## Action item
An exact copy of the lines from the top of the data through the line with "import ezdxf" is what you should give, with no pictures in it.

## Entries supplied
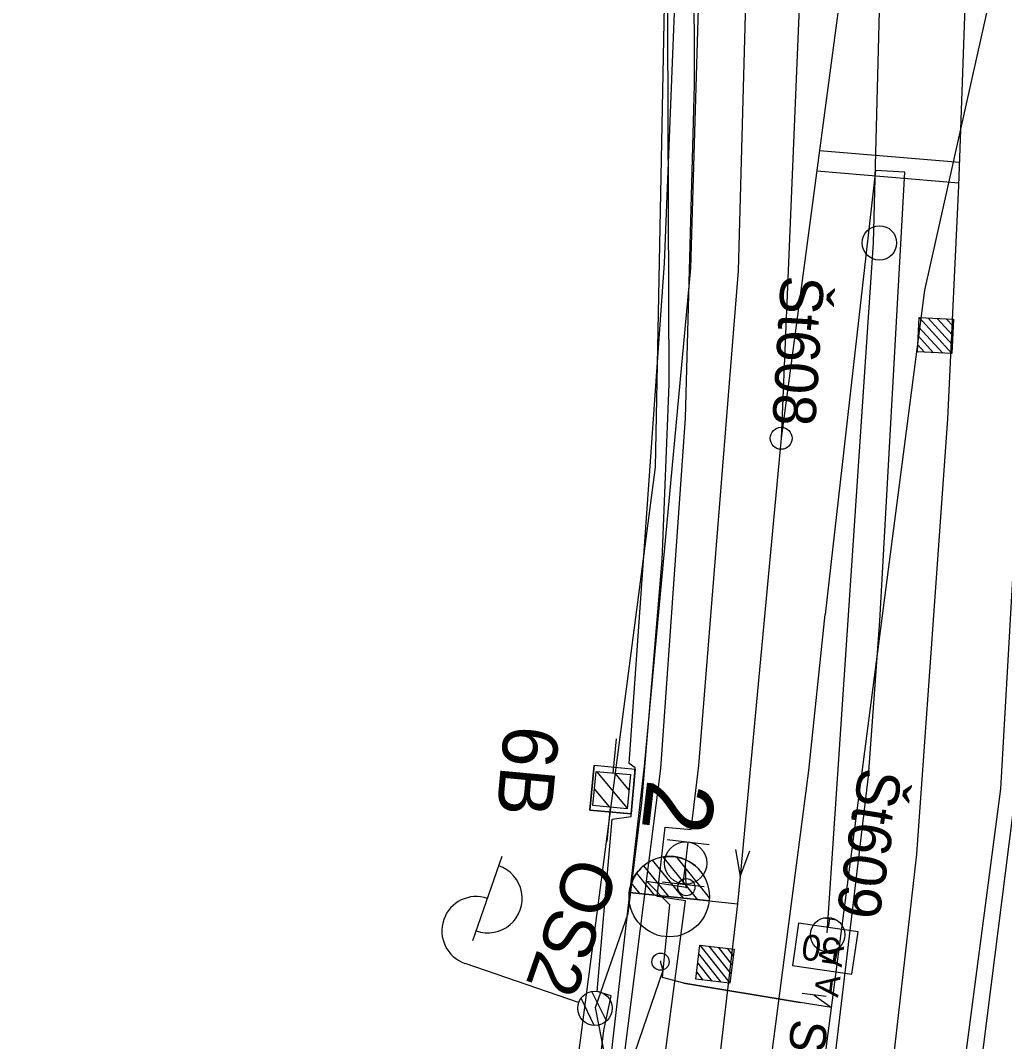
# Model space of a CAD drawing. Extents: x -545736 to -544888, y -1122892 to -1119128.
# Drawn here: x -545156.91 to -545128.27, y -1122602.4 to -1122572.69 of the extents above; entities that cross this region are included whole.
import ezdxf

# ---------------------------------------------------------------- set-up
doc = ezdxf.new("R2010")
doc.units = 0
for name, color, linetype in [('osvětlené plochy-hodnota-obrys', 7, 'Continuous'), ('Vrstva 1 - Koleje', 7, 'Continuous'), ('Vrstva 11 - Trakce', 7, 'Continuous'), ('Vrstva 12 - Trakce zaklady', 7, 'Continuous'), ('Vrstva 2 - Vyhybky', 7, 'Continuous'), ('Vrstva 25', 7, 'Continuous'), ('Vrstva 26', 7, 'Continuous'), ('Vrstva 27', 7, 'Continuous'), ('Vrstva 28 - zabzar', 7, 'Continuous'), ('Vrstva 3 - Lisy - Pocitaci body', 7, 'Continuous'), ('Vrstva 31', 7, 'Continuous'), ('Vrstva 32', 7, 'Continuous'), ('Vrstva 35', 7, 'Continuous'), ('Vrstva 4 - Teren - stezky - prechody - plochy', 7, 'Continuous'), ('Vrstva 43', 7, 'Continuous'), ('Vrstva 44', 7, 'Continuous'), ('Vrstva 5 - Vystroj', 7, 'Continuous'), ('Vrstva 6 - Navesti', 7, 'Continuous'), ('Vrstva 7 - Namezniky-vystroj', 7, 'Continuous')]:
    doc.layers.add(name, color=color, linetype=linetype)

msp = doc.modelspace()

# ---------------------------------------------------------------- linework, layer by layer
at = {"layer": 'osvětlené plochy-hodnota-obrys'}
for points in [[(-545134.488, -1122383.09), (-545138.436, -1122585.69), (-545142.696, -1122618.23), (-545150.566, -1122647.812), (-545144.37, -1122649.678)], [(-545136.491, -1122623.942), (-545134.432, -1122610.076), (-545134.432, -1122610.076), (-545130.588, -1122580.54), (-545121.507, -1122539.928), (-545114.985, -1122440.379), (-545107.655, -1122408.436), (-545092.05, -1122405.326)]]:
    msp.add_lwpolyline(points, dxfattribs=at)
at = {"layer": 'Vrstva 1 - Koleje'}
for points in [[(-545132.113, -1122493.06), (-545132.351, -1122502.539), (-545132.576, -1122511.557), (-545132.791, -1122520.224), (-545133.022, -1122529.75), (-545133.182, -1122536.046), (-545133.362, -1122542.952), (-545133.631, -1122553.198), (-545133.835, -1122560.954), (-545133.937, -1122564.862), (-545134.77, -1122584.848), (-545135.963, -1122597.599), (-545136.038, -1122598.395)], [(-545128.351, -1122532.879), (-545128.372, -1122533.679), (-545128.87, -1122552.83), (-545129.057, -1122559.925), (-545129.288, -1122568.437), (-545129.604, -1122577.497), (-545129.925, -1122584.285), (-545130.831, -1122596.948), (-545132.201, -1122608.983), (-545133.84, -1122619.134), (-545136.174, -1122630.305), (-545137.455, -1122635.497), (-545140.817, -1122647.245), (-545144.325, -1122657.562), (-545148.206, -1122667.467), (-545152.577, -1122677.284), (-545157.303, -1122686.734), (-545161.121, -1122693.673), (-545165.852, -1122701.579), (-545166.19, -1122702.117), (-545166.476, -1122702.566), (-545172.093, -1122711.045)], [(-545128.351, -1122532.879), (-545128.444, -1122533.674), (-545130.677, -1122552.693), (-545132.131, -1122565.025), (-545134.77, -1122584.848), (-545135.963, -1122597.599), (-545136.038, -1122598.395)], [(-545136.038, -1122598.395), (-545136.73, -1122604.306), (-545138.281, -1122615.318), (-545139.929, -1122624.144), (-545141.037, -1122629.184), (-545141.706, -1122631.984), (-545144.652, -1122642.826), (-545147.6, -1122651.963), (-545151.755, -1122663.049), (-545156.488, -1122673.941), (-545161.477, -1122684.006), (-545165.615, -1122691.531), (-545169.698, -1122698.363), (-545170.022, -1122698.884), (-545170.331, -1122699.382), (-545174.531, -1122705.823), (-545179.638, -1122713.064), (-545184.442, -1122719.349), (-545190.471, -1122726.844)]]:
    msp.add_lwpolyline(points, dxfattribs=at)
at = {"layer": 'Vrstva 11 - Trakce'}
for p, q in [((-545139.657, -1122594.596), (-545139.565, -1122593.59)), ((-545139.249, -1122595.604), (-545140.131, -1122594.542)), ((-545139.2, -1122595.076), (-545139.603, -1122594.591)), ((-545139.755, -1122595.581), (-545140.201, -1122595.044)), ((-545139.748, -1122595.578), (-545139.841, -1122596.578))]:
    msp.add_line(p, q, dxfattribs=at)
msp.add_lwpolyline([(-545140.247, -1122595.536), (-545140.155, -1122594.54), (-545139.159, -1122594.632), (-545139.251, -1122595.628)], close=True, dxfattribs=at)
at = {"layer": 'Vrstva 12 - Trakce zaklady'}
for p, q in [((-545140.214, -1122594.362), (-545139.019, -1122594.473)), ((-545140.335, -1122595.668), (-545139.14, -1122595.779))]:
    msp.add_line(p, q, dxfattribs=at)
for points in [[(-545140.335, -1122595.668), (-545140.214, -1122594.362), (-545139.019, -1122594.473), (-545139.14, -1122595.779), (-545140.335, -1122595.668)], [(-545140.214, -1122594.362), (-545140.214, -1122594.362), (-545140.335, -1122595.668), (-545140.335, -1122595.668)], [(-545139.14, -1122595.779), (-545139.14, -1122595.779), (-545139.019, -1122594.473), (-545139.019, -1122594.473)]]:
    msp.add_lwpolyline(points, dxfattribs=at)
at = {"layer": 'Vrstva 2 - Vyhybky'}
for p, q in [((-545137.195, -1122598.275), (-545138.2, -1122597.031)), ((-545136.854, -1122598.22), (-545137.808, -1122597.038)), ((-545138.039, -1122598.184), (-545138.765, -1122597.286)), ((-545137.617, -1122598.23), (-545138.51, -1122597.124)), ((-545138.461, -1122598.139), (-545138.971, -1122597.507)), ((-545138.883, -1122598.094), (-545139.123, -1122597.798)), ((-545136.857, -1122598.31), (-545139.185, -1122598.062)), ((-545139.185, -1122598.062), (-545136.857, -1122598.31)), ((-545136.857, -1122598.31), (-545136.857, -1122598.31)), ((-545136.856, -1122598.311), (-545136.038, -1122598.395))]:
    msp.add_line(p, q, dxfattribs=at)
for points in [[(-545133.937, -1122564.862), (-545134.77, -1122584.848)], [(-545132.131, -1122565.025), (-545134.77, -1122584.848), (-545135.963, -1122597.599), (-545136.038, -1122598.395)], [(-545136.097, -1122596.81), (-545135.963, -1122597.599), (-545135.685, -1122596.849)]]:
    msp.add_lwpolyline(points, dxfattribs=at)
for centre, radius in [((-545134.77, -1122584.848), 0.32), ((-545138.027, -1122598.185), 1.17)]:
    msp.add_circle(centre, radius, dxfattribs=at)
msp.add_arc((-545138.021, -1122598.186), 1.171, 353.9558, 173.9167, dxfattribs=at)
at = {"layer": 'Vrstva 25'}
for p, q in [((-545143.744, -1122599.465), (-545142.894, -1122597.008)), ((-545140.665, -1122601.271), (-545143.972, -1122600.127)), ((-545140.21, -1122601.933), (-545140.595, -1122601.142)), ((-545139.857, -1122601.803), (-545140.276, -1122600.942))]:
    msp.add_line(p, q, dxfattribs=at)
msp.add_circle((-545140.192, -1122601.434), 0.5, dxfattribs=at)
msp.add_circle((-545140.192, -1122601.434), 0.5, dxfattribs=at)
for centre, start, end in [((-545143.307, -1122598.241), 250.2255, 71.6306), ((-545143.646, -1122599.182), 70.928, 250.928)]:
    msp.add_arc(centre, 1, start, end, dxfattribs=at)
at = {"layer": 'Vrstva 26'}
for points in [[(-545140.173, -1122601.416), (-545139.225, -1122598.674), (-545138.828, -1122595.457), (-545138.236, -1122588.391), (-545138.033, -1122583.268), (-545138.077, -1122570.236), (-545138.229, -1122568.031), (-545138.22, -1122568.014)], [(-545146.276, -1122634.496), (-545146.167, -1122633.004), (-545145.098, -1122627.615), (-545142.797, -1122616.586), (-545139.816, -1122603.246), (-545140.173, -1122601.416), (-545140.192, -1122601.434)]]:
    msp.add_lwpolyline(points, dxfattribs=at)
at = {"layer": 'Vrstva 27'}
for p, q in [((-545137.527, -1122597.885), (-545137.533, -1122597.935)), ((-545138.277, -1122600.055), (-545138.283, -1122600.105))]:
    msp.add_line(p, q, dxfattribs=at)
for centre in [(-545137.53, -1122597.91), (-545138.28, -1122600.08)]:
    msp.add_circle(centre, 0.25, dxfattribs=at)
at = {"layer": 'Vrstva 28 - zabzar'}
for points in [[(-545139.49, -1122604.09), (-545138.69, -1122597.74), (-545138.27, -1122594.46), (-545137.55, -1122584.26), (-545137.29, -1122574.56), (-545137.31, -1122567.52), (-545137.85, -1122563.63), (-545139.06, -1122562.49), (-545138.96, -1122558.39), (-545139.24, -1122552.83), (-545138.1, -1122548.7), (-545137.31, -1122541.08), (-545136.56, -1122536.26), (-545136.54, -1122531.79), (-545136.53, -1122525.43), (-545137.3, -1122521.01), (-545137.26, -1122503.3), (-545136.84, -1122494.09)], [(-545133.81, -1122601.05), (-545133.3, -1122601.41), (-545134.22, -1122601.27), (-545137.6, -1122600.7), (-545138.22, -1122600.54), (-545138.2, -1122600.33), (-545138.01, -1122598.42), (-545138.69, -1122597.74), (-545137.53, -1122597.91), (-545137.55, -1122597.21)], [(-545138.2, -1122600.33), (-545138.28, -1122600.08)]]:
    msp.add_lwpolyline(points, dxfattribs=at)
at = {"layer": 'Vrstva 3 - Lisy - Pocitaci body'}
for p, q in [((-545130.757, -1122581.337), (-545129.802, -1122582.38)), ((-545130.493, -1122581.349), (-545129.79, -1122582.115)), ((-545130.227, -1122581.36), (-545129.779, -1122581.85)), ((-545129.963, -1122581.372), (-545129.767, -1122581.585)), ((-545130.78, -1122581.867), (-545130.332, -1122582.357)), ((-545130.769, -1122581.602), (-545130.066, -1122582.368)), ((-545130.792, -1122582.132), (-545130.596, -1122582.345)), ((-545138.09, -1122596.526), (-545136.866, -1122596.67)), ((-545137.622, -1122597.822), (-545137.478, -1122596.598)), ((-545138.234, -1122597.75), (-545137.01, -1122597.894)), ((-545137.134, -1122599.596), (-545136.259, -1122600.707)), ((-545136.871, -1122599.627), (-545136.228, -1122600.443)), ((-545136.607, -1122599.658), (-545136.196, -1122600.18)), ((-545136.344, -1122599.689), (-545136.165, -1122599.917)), ((-545137.165, -1122599.859), (-545136.522, -1122600.675)), ((-545137.197, -1122600.123), (-545136.786, -1122600.644)), ((-545137.228, -1122600.386), (-545137.049, -1122600.613))]:
    msp.add_line(p, q, dxfattribs=at)
for points in [[(-545129.758, -1122581.38), (-545129.802, -1122582.38), (-545130.801, -1122582.336), (-545130.757, -1122581.337)], [(-545136.141, -1122599.713), (-545136.259, -1122600.707), (-545137.252, -1122600.589), (-545137.134, -1122599.596)]]:
    msp.add_lwpolyline(points, close=True, dxfattribs=at)
msp.add_circle((-545137.55, -1122597.207), 0.616, dxfattribs=at)
at = {"layer": 'Vrstva 31'}
msp.add_lwpolyline([(-545139.49, -1122604.09), (-545138.69, -1122597.74), (-545138.27, -1122594.46), (-545137.55, -1122584.26), (-545137.29, -1122574.56), (-545137.31, -1122567.52), (-545137.85, -1122563.63), (-545139.06, -1122562.49), (-545139.24, -1122552.83), (-545138.1, -1122548.7), (-545137.31, -1122541.08), (-545136.56, -1122536.26), (-545136.53, -1122525.43), (-545137.3, -1122521.01), (-545137.26, -1122503.3), (-545136.84, -1122494.09)], dxfattribs=at)
at = {"layer": 'Vrstva 32'}
msp.add_lwpolyline([(-545139.49, -1122604.09), (-545138.2, -1122600.33), (-545138.01, -1122598.42), (-545138.69, -1122597.74), (-545138.27, -1122594.46), (-545137.55, -1122584.26), (-545137.29, -1122574.56), (-545137.31, -1122567.52), (-545137.85, -1122563.63), (-545139.06, -1122562.49), (-545138.96, -1122558.39), (-545139.24, -1122552.83), (-545138.1, -1122548.7), (-545137.31, -1122541.08), (-545136.56, -1122536.26), (-545136.53, -1122525.43), (-545137.3, -1122521.01), (-545137.26, -1122503.3), (-545136.84, -1122494.09)], dxfattribs=at)
msp.add_lwpolyline([(-545139.49, -1122604.09), (-545138.2, -1122600.33), (-545138.01, -1122598.42), (-545138.69, -1122597.74), (-545138.27, -1122594.46), (-545137.55, -1122584.26), (-545137.29, -1122574.56), (-545137.31, -1122567.52), (-545137.85, -1122563.63), (-545139.06, -1122562.49), (-545138.96, -1122558.39), (-545139.24, -1122552.83), (-545138.1, -1122548.7), (-545137.31, -1122541.08), (-545136.56, -1122536.26), (-545136.53, -1122525.43), (-545137.3, -1122521.01), (-545137.26, -1122503.3), (-545136.84, -1122494.09)], dxfattribs=at)
at = {"layer": 'Vrstva 35'}
msp.add_line((-545137.6, -1122600.7), (-545134.22, -1122601.27), dxfattribs=at)
at = {"layer": 'Vrstva 4 - Teren - stezky - prechody - plochy'}
for points in [[(-545191.629, -1122723.588), (-545190.606, -1122724.4), (-545183.082, -1122715.247), (-545174.471, -1122703.078), (-545169.188, -1122694.668), (-545163.388, -1122684.3), (-545157.763, -1122672.946), (-545152.235, -1122660.118), (-545147.809, -1122647.698), (-545144.117, -1122635.247), (-545141.561, -1122624.265), (-545139.354, -1122611.942), (-545137.55, -1122598.304), (-545138.381, -1122598.177), (-545138.144, -1122596.165), (-545137.394, -1122596.23), (-545137.164, -1122594.37), (-545136.011, -1122579.974), (-545135.245, -1122551.924), (-545134.376, -1122521.14), (-545133.892, -1122501.709), (-545133.405, -1122481.658)], [(-545140.685, -1122611.253), (-545138.752, -1122594.386), (-545137.402, -1122579.893), (-545136.844, -1122561.129), (-545136.511, -1122551.767), (-545135.87, -1122521.211), (-545135.812, -1122519.734), (-545135.589, -1122501.439), (-545134.927, -1122481.492), (-545133.405, -1122481.658)], [(-545141.024, -1122611.09), (-545139.933, -1122602.085), (-545139.716, -1122601.069), (-545140.128, -1122600.945), (-545139.688, -1122595.933), (-545139.138, -1122595.855), (-545139.019, -1122594.44), (-545139.197, -1122594.314), (-545138.162, -1122579.754), (-545137.734, -1122569.04), (-545138.855, -1122568.556), (-545138.807, -1122567.496), (-545137.462, -1122567.077), (-545137.179, -1122561.067), (-545136.824, -1122551.814), (-545135.969, -1122521.336), (-545135.87, -1122521.211), (-545135.812, -1122519.734), (-545135.964, -1122519.738), (-545135.589, -1122501.439), (-545135.812, -1122519.734)], [(-545143.646, -1122627.169), (-545143.029, -1122623.952), (-545140.685, -1122611.253), (-545138.752, -1122594.386), (-545137.402, -1122579.893), (-545136.844, -1122561.129), (-545136.511, -1122551.767), (-545135.87, -1122521.211)], [(-545188.115, -1122726.499), (-545186.816, -1122727.626), (-545179.153, -1122718.162), (-545170.497, -1122705.864), (-545165.086, -1122697.266), (-545159.078, -1122686.625), (-545153.254, -1122674.874), (-545147.771, -1122662.012), (-545143.139, -1122649.187), (-545139.43, -1122636.663), (-545136.752, -1122625.534), (-545134.412, -1122613.056), (-545132.223, -1122594.677), (-545131.9, -1122590.16), (-545131.166, -1122577.107), (-545132.023, -1122577.056), (-545133.492, -1122589.979)], [(-545186.378, -1122732.723), (-545176.423, -1122720.342), (-545167.539, -1122708.042), (-545161.897, -1122699.343), (-545155.785, -1122688.417), (-545149.851, -1122676.524), (-545144.387, -1122663.629), (-545139.443, -1122650.543), (-545135.826, -1122637.855), (-545133.045, -1122626.386), (-545130.874, -1122614.091), (-545128.38, -1122595.049), (-545127.699, -1122583.15), (-545127.21, -1122582.485)], [(-545186.002, -1122733.066), (-545175.816, -1122720.349), (-545167.024, -1122708.373), (-545161.453, -1122699.562), (-545155.318, -1122688.663), (-545149.336, -1122676.689), (-545143.889, -1122663.732), (-545138.985, -1122650.646), (-545135.373, -1122637.73), (-545132.645, -1122626.338), (-545130.342, -1122614.15), (-545127.919, -1122594.969), (-545127.21, -1122582.485)], [(-545188.115, -1122726.499), (-545180.687, -1122717.034), (-545171.997, -1122704.893), (-545166.551, -1122696.278), (-545160.616, -1122685.761), (-545154.913, -1122674.139), (-545149.454, -1122661.322), (-545144.857, -1122648.564), (-545141.182, -1122636.064), (-545138.489, -1122625.035), (-545136.341, -1122612.76), (-545133.964, -1122594.516), (-545133.492, -1122589.979)]]:
    msp.add_lwpolyline(points, dxfattribs=at)
at = {"layer": 'Vrstva 43'}
for centre in [(-545131.909, -1122579.161), (-545133.418, -1122599.295)]:
    msp.add_circle(centre, 0.5, dxfattribs=at)
at = {"layer": 'Vrstva 44'}
msp.add_lwpolyline([(-545133.427, -1122599.241), (-545132.083, -1122579.16), (-545130.845, -1122531.562), (-545130.119, -1122502.202), (-545130.021, -1122501.998), (-545129.768, -1122502.059), (-545120.639, -1122502.325), (-545120.437, -1122502.27), (-545120.505, -1122501.979), (-545119.331, -1122472.539), (-545116.186, -1122445.902), (-545109.415, -1122409.043)], dxfattribs=at)
at = {"layer": 'Vrstva 5 - Vystroj'}
for p, q in [((-545133.539, -1122598.803), (-545133.158, -1122598.856)), ((-545133.363, -1122598.833), (-545133.398, -1122599.08))]:
    msp.add_line(p, q, dxfattribs=at)
msp.add_lwpolyline([(-545132.532, -1122599.205), (-545134.264, -1122598.956), (-545134.442, -1122600.193), (-545132.71, -1122600.442)], close=True, dxfattribs=at)
at = {"layer": 'Vrstva 6 - Navesti'}
msp.add_line((-545133.463, -1122601.092), (-545134.157, -1122601.008), dxfattribs=at)
at = {"layer": 'Vrstva 7 - Namezniky-vystroj'}
for p, q in [((-545133.655, -1122576.471), (-545129.58, -1122576.813)), ((-545133.734, -1122577.067), (-545129.601, -1122577.413))]:
    msp.add_line(p, q, dxfattribs=at)

# ---------------------------------------------------------------- texts
at = {"layer": 'Vrstva 11 - Trakce'}
msp.add_text('6B', height=1.6, rotation=264.7067, dxfattribs=at).set_placement((-545142.817, -1122593.161))
at = {"layer": 'Vrstva 2 - Vyhybky'}
msp.add_text('2', height=2, rotation=263.3042, dxfattribs=at).set_placement((-545138.659, -1122594.736))
at = {"layer": 'Vrstva 25'}
msp.add_text('OS2', height=1.5, rotation=250.928, dxfattribs=at).set_placement((-545140.905, -1122596.939))
at = {"layer": 'Vrstva 43'}
for s, rotation, p in [('Št608', 266.5992, (-545134.769, -1122580.089)), ('Št609', 260.9548, (-545132.48, -1122594.392))]:
    msp.add_text(s, height=1.25, rotation=rotation, dxfattribs=at).set_placement(p)
at = {"layer": 'Vrstva 5 - Vystroj'}
msp.add_text('50', height=0.75, rotation=171.8148, dxfattribs=at).set_placement((-545133.007, -1122599.42))
at = {"layer": 'Vrstva 6 - Navesti'}
for s, height, rotation, p in [('A A ', 0.7, 83.1275, (-545133.115, -1122601.134)), ('Se6', 1.05, 263.5665, (-545134.453, -1122601.72))]:
    msp.add_text(s, height=height, rotation=rotation, dxfattribs=at).set_placement(p)

doc.saveas('drawing.dxf')

## Answer section
# Model space of a CAD drawing. Extents: x -545736 to -544888, y -1122892 to -1119128.
# Drawn here: x -545156.91 to -545128.27, y -1122602.4 to -1122572.69 of the extents above; entities that cross this region are included whole.
import ezdxf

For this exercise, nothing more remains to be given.